“What’s the matter?” she demanded. “The whole crew is tramping outside my windows. I hope we haven’t struck an iceberg.”
“Adele, don’t faint, please. Something awful has happened.”
“Turner! He has killed some one finally!”
“Hush, for Heaven’s sake! Wilmer has been murdered, Adele—and the captain.”
Mrs. Johns had less control than the other women. She stood for an instant, with a sort of horrible grin on her face. Then she went down on the floor, full length, with a crash. Elsa Lee knelt beside her and slid a pillow under her head.
“Call the maids, Leslie,” she said quietly. “Karen has something for this sort of thing. Tell her to bring it quickly.”
I went the length of the cabin and into the chartroom. The maids’ room was here, on the port-side, and thus aft of Mrs. Turner’s and Miss Lee’s rooms. It had one door only, and two small barred windows, one above each of the two bunks.
I turned on the chart-room lights. At the top of the after companionway the crew had been assembled, and Burns was haranguing them. I knocked at the maids’ door, and, finding it unlocked, opened it an inch or so.
“Karen!” I called—and, receiving no answer: “Mrs. Sloane!” (the stewardess).
I opened the door wide and glanced in. Karen Hansen, the maid, was on the floor, dead. The stewardess, in collapse from terror, was in her bunk, uninjured.
CHAPTER VII
WE FIND THE AXE
I went to the after companionway and called up to the men to send the first mate down; but Burns came instead.
“Singleton’s sick,” he explained. “He’s up there in a corner, with Oleson and McNamara holding him.”

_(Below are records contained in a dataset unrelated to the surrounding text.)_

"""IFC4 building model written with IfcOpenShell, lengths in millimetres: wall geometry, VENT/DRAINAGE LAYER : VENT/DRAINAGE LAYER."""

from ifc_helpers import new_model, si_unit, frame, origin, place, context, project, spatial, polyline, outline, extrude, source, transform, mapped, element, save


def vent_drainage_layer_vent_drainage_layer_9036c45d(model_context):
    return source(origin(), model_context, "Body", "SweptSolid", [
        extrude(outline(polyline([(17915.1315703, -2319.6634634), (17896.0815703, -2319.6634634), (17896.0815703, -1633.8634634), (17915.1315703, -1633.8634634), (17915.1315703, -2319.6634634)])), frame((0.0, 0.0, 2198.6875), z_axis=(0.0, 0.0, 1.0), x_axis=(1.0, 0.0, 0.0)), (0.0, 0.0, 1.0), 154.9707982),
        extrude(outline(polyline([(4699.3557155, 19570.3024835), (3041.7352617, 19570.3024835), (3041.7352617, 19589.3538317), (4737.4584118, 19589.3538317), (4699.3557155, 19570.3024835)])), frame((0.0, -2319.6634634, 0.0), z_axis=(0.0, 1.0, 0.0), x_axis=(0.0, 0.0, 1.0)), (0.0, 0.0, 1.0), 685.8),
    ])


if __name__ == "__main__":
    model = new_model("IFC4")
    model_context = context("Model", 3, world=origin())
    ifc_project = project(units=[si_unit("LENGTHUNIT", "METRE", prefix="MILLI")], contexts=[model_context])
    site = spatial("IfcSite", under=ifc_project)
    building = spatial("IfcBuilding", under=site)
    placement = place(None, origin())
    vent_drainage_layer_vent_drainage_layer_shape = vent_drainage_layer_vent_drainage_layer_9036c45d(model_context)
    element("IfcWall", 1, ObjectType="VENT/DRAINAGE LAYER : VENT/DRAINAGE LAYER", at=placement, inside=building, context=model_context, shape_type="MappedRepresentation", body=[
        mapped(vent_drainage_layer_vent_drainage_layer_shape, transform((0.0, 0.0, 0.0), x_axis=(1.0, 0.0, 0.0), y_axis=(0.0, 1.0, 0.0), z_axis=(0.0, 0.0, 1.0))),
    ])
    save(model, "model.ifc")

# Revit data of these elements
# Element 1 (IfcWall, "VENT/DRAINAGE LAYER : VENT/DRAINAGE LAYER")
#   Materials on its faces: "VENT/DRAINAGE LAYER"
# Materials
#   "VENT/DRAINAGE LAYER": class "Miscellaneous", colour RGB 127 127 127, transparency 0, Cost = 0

“Burns,” I said cautiously—“I’ve found another!”
“God, not one of the women!”
“One of the maids—Karen.”
Burns was a young fellow about my own age, and to this point he had stood up well. But he had been having a sort of flirtation with the girl, and I saw him go sick with horror. He wanted to see her, when he had got command of himself; but I would not let him enter the room. He stood outside, while I went in and carried out the stewardess, who was coming to and moaning. I took her forward, and told the three women there what I had found.
Mrs. Johns was better, and I found them all huddled in her room. I put the stewardess on the bed, and locked the door into the next room. Then, after examining the window, I gave Elsa Lee my revolver.
“Don’t let any one in,” I said. “I’ll put a guard at the two companionways, and we’ll let no one down. But keep the door locked also.”
She took the revolver from me, and examined it with the air of one familiar with firearms. Then she looked up at me, her lips as white as her face.
“We are relying on you, Leslie,” she said.